The primary means now being deployed to coerce vaccination, besides unjust dismissal, is the passport system. It is quite obvious that the whole exercise has had this system as its primary goal. That is why it has been pedal to the metal and the wheel hard left on this dizzying drive.

On the Labour Day weekend you began introducing Albertans to the idea of a QR-coded society and a passport system. You are, I fear, being quite disingenuous by suggesting that it will be a voluntary convenience. You are not leading Alberta down any other path than the one being taken by our prime minister and by the premiers of Ontario and Quebec. Let Albertans query you very carefully on that! But I too have some questions for you.

In your province, as in B.C., a few deranged or hateful people have responded to misinformation about the residential schools by burning churches. To your credit, you have called that out as a completely unacceptable response. Yet you yourself have threatened to come after the unvaccinated, in as yet unspecified ways.

You have already defaced dissenting churches with fences and locks. You are standing by while people lose their liberties and livelihoods. When the scapegoating gets out of hand, when people start vandalizing or burning the homes or churches of the unvaccinated, will you accept any responsibility for that?

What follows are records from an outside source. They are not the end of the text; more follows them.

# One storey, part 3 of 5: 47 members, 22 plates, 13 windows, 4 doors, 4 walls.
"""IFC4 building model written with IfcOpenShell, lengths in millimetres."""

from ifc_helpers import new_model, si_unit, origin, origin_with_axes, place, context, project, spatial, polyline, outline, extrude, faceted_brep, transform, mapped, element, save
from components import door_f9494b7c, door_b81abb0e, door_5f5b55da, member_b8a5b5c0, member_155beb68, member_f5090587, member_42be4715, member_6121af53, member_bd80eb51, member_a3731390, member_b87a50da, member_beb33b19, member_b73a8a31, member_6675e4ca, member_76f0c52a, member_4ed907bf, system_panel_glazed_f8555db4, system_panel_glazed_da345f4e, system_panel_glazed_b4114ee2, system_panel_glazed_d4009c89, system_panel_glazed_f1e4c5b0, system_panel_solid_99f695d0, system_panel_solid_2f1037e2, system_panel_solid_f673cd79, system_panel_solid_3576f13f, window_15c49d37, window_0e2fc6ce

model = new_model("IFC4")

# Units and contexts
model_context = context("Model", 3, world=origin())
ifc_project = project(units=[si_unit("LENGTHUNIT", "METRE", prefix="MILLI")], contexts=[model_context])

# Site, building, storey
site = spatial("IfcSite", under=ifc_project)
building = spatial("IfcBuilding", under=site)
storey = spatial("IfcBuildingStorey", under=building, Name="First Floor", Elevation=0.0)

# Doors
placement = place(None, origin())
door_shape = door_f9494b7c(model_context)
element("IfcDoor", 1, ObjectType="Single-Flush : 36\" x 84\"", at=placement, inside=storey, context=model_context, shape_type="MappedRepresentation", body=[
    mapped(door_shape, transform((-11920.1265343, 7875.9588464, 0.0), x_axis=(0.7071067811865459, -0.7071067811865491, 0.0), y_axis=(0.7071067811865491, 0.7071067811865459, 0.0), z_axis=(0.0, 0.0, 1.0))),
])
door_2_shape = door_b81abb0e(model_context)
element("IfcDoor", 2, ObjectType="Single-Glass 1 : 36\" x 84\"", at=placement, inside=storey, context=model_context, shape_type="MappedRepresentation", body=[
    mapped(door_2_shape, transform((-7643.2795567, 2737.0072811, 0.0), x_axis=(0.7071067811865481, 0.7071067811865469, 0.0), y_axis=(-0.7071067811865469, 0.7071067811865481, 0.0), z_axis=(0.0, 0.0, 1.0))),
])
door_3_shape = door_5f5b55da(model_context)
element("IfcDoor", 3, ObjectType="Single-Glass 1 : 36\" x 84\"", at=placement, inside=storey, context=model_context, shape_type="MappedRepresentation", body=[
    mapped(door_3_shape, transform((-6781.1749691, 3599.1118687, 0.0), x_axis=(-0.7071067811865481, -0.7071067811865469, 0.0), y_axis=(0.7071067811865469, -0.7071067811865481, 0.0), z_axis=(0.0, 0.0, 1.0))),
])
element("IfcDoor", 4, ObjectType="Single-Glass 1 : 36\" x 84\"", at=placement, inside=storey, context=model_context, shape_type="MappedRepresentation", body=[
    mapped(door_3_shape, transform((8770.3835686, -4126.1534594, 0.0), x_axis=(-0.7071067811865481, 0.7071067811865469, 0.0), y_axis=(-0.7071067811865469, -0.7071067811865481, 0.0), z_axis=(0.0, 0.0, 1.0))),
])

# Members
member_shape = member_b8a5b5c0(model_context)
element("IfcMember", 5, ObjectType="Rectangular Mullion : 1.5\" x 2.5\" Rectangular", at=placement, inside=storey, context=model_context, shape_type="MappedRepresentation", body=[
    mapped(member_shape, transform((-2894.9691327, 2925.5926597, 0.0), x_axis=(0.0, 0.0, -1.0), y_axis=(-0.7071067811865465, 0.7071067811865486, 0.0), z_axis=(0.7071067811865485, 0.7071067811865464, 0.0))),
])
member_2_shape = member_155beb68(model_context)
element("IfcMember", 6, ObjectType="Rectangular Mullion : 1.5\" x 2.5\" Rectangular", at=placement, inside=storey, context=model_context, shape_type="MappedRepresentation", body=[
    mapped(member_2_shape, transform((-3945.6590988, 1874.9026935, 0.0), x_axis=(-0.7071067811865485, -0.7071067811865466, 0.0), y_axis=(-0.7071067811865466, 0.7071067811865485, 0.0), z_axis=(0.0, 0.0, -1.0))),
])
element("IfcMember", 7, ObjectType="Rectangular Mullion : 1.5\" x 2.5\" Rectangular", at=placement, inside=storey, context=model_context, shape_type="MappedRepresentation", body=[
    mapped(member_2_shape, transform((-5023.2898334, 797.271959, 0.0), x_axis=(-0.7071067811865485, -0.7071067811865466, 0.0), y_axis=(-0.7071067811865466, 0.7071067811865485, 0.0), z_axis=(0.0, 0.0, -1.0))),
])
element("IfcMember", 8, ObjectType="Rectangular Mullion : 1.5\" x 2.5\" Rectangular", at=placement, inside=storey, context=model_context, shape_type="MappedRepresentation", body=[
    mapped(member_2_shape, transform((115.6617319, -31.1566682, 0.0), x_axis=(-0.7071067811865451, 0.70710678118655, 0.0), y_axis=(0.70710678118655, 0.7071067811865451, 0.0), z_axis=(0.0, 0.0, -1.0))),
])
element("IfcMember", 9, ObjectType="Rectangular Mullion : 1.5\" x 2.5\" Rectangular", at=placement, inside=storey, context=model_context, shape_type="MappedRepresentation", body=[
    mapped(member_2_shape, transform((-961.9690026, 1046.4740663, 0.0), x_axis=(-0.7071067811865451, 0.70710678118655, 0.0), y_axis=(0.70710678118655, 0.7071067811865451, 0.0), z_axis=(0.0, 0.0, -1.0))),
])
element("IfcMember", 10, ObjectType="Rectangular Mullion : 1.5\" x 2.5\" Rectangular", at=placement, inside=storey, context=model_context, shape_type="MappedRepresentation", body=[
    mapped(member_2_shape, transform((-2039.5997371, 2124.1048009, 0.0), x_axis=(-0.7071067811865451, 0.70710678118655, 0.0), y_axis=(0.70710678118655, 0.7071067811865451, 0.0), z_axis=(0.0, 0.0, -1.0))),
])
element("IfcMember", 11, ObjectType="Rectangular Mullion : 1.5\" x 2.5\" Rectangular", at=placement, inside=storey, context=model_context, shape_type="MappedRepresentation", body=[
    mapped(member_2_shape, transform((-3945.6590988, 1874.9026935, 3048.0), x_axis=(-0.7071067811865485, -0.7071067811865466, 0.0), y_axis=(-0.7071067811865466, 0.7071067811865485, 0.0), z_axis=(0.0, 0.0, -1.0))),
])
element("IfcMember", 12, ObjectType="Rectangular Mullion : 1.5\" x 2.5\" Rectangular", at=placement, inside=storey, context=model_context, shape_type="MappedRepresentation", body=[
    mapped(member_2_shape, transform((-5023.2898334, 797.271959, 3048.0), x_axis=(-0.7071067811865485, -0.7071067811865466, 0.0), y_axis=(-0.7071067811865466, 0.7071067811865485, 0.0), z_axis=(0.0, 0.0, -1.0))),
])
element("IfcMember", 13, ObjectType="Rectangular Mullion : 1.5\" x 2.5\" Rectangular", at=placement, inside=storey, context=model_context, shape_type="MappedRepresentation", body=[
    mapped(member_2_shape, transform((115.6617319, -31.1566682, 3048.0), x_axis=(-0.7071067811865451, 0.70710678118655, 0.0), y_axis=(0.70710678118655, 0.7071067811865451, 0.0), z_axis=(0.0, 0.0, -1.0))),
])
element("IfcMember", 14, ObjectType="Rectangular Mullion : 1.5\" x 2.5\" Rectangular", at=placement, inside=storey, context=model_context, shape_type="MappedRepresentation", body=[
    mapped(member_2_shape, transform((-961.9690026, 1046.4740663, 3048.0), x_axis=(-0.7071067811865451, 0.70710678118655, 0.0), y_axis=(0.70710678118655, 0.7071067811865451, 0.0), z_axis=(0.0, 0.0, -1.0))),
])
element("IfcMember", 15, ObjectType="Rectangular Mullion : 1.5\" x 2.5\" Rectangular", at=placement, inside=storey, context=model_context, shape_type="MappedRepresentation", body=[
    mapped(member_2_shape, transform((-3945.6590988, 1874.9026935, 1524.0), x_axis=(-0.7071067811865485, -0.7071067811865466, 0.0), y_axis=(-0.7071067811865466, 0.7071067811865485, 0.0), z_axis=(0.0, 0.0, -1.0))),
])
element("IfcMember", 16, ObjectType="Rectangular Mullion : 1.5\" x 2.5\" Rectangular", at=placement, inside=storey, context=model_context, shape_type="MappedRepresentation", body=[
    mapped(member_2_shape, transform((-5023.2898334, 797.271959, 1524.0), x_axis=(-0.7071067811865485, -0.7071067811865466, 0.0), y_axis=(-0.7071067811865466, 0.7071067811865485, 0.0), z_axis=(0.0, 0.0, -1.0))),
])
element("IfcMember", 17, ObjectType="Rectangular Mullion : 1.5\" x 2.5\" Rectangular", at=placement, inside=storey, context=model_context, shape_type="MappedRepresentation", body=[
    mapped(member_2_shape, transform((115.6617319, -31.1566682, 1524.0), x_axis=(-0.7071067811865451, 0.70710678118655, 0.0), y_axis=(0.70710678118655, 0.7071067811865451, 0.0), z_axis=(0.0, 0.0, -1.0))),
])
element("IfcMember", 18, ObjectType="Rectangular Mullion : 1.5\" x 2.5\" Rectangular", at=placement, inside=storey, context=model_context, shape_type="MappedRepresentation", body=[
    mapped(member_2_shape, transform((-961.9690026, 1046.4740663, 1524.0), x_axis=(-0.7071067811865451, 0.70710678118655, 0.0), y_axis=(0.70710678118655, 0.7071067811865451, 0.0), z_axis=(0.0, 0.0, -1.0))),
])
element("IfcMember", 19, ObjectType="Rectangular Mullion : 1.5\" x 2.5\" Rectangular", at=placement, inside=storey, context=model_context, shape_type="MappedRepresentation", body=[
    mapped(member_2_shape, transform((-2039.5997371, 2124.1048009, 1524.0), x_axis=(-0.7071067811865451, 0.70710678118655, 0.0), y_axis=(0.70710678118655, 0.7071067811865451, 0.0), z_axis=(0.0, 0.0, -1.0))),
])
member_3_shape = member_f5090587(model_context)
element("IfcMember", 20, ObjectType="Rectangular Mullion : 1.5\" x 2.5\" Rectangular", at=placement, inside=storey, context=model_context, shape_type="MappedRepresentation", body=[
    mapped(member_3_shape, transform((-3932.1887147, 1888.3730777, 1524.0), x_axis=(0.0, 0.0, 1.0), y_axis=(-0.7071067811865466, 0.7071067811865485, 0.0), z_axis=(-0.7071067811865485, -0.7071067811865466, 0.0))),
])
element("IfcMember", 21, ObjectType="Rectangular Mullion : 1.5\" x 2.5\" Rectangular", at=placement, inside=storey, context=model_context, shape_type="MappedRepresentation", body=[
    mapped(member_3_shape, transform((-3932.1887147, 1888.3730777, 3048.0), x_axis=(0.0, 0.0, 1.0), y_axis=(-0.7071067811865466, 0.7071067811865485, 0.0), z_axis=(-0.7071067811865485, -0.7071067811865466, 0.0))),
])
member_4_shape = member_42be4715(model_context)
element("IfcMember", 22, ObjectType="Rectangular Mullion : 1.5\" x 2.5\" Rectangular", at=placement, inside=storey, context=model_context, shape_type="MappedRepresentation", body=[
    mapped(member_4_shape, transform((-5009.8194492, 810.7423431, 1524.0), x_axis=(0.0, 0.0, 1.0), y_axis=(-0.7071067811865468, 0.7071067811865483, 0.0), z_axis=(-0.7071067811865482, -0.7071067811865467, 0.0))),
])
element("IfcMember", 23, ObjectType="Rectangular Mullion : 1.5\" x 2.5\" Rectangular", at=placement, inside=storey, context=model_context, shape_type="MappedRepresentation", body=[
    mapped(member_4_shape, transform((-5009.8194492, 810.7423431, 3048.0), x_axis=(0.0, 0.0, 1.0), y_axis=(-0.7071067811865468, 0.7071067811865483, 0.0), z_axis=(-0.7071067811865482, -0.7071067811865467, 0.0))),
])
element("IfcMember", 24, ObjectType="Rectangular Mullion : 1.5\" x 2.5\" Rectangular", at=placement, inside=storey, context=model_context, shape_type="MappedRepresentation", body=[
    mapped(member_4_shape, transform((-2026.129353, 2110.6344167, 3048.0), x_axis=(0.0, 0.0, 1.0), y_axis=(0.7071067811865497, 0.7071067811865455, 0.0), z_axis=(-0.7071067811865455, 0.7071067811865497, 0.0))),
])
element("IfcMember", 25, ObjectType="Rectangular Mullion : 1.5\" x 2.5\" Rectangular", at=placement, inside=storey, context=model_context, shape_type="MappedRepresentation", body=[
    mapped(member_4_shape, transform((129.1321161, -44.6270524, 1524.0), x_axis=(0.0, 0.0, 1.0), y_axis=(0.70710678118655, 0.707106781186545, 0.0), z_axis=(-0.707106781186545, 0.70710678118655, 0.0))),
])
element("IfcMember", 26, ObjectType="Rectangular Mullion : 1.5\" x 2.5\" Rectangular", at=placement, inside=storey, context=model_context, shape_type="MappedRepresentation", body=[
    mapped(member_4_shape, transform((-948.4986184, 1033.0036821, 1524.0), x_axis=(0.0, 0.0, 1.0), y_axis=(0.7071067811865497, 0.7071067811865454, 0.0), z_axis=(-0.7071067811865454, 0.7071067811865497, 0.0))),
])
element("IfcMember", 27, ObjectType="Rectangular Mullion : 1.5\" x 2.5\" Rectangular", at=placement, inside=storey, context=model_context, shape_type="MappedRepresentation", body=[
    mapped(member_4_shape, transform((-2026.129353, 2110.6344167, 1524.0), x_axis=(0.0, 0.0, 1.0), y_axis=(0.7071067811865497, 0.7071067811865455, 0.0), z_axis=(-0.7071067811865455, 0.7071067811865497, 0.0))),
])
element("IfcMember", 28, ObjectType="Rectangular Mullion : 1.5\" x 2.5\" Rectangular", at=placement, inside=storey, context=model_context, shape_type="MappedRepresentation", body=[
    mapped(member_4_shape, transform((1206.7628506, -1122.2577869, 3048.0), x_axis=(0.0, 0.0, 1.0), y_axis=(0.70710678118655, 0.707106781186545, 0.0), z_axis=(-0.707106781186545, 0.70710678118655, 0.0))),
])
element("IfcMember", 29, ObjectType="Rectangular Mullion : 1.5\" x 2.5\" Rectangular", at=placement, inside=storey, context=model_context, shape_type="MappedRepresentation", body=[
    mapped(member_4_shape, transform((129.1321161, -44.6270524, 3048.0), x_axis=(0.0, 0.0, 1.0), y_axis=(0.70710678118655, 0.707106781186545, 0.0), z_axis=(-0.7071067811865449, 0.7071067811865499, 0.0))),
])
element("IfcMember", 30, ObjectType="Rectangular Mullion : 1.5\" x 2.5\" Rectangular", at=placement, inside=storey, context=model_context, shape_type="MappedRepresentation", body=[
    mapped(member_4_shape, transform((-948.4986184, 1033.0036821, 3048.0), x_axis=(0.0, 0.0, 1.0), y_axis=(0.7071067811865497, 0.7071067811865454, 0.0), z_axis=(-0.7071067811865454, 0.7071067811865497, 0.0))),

Or when it becomes more acceptable to force good citizens into bankruptcy or into quarantine camps, as they are preparing to do in Australia and here in Canada as well, will you follow suit? Ontario is just dismantling its covid field hospital without ever treating a single patient there. Even as it does so, it begins building quarantine camps? Something tells me the latter will not long remain unoccupied.

Pandemics, through which many of us have lived before, are not the reason but only the excuse for the growing tyranny in the West. We are already weary of this tyranny. We would like to have a hand in shaping solutions to the problems that technocrats think they alone should solve. We would like to be at liberty to get on with our lives as we see fit. We wish to be free.

To illustrate, I had a letter the other day from a young woman in Alberta who would like to be able to continue her college education without invasive questions about her medical decisions, demands for perpetual medical tests, acts of shunning, fees being extorted for activities in which she will not be allowed to participate, shaming from her premier – and now complete exclusion for non-conformity.

I had another letter from a woman elsewhere, in her nineties, who was deeply concerned about the coercion of her grandson into the Great Experiment on penalty of being excluded from his military college altogether. She was not concerned that this beloved young man would bring her covid on her deathbed. She was concerned that he be able to live, as she had lived, in a free society where prudential judgments were in the hands of ordinary citizens – that there be such a society for him to defend.

Mr. Kenney, what I say to you I say to all our political leaders: Your policy doughnuts on the tarmac of our daily lives are an outrage for which you will be held accountable, in this world and the next! Do not mistake us for fools. Not only do we grate at the damage you are doing us; we recognize that a smokescreen is being laid down for something vastly more troubling than a mere coronavirus.

I speak of the Great Reset, as the Davos people call it. You are on record as wanting nothing whatever to do with that. Good for you! To lift a line from Travis Smith in The Arts of Rule, the Davos “hypocrites” (as you called them) fit the bill of that perfectly unjust man who “swindles others into consuming harms voluntarily and voraciously, remedying their indigestion with additional poisons.”

I want to believe you when you say that you don’t wish to be found in their company or be party to their program. But in that case I can only conclude that while you were reading Mr. Schwab’s book they must have hacked your onboard computer. Might I recommend disconnecting it permanently and doing your own driving? The result, I am confident, would be most reassuring to your own conscience, as to the rest of us.

Douglas Farrow is Professor of Theology and Ethics at McGill University. This version has been slightly abridged by the author from the original at the Haultain Research Institute.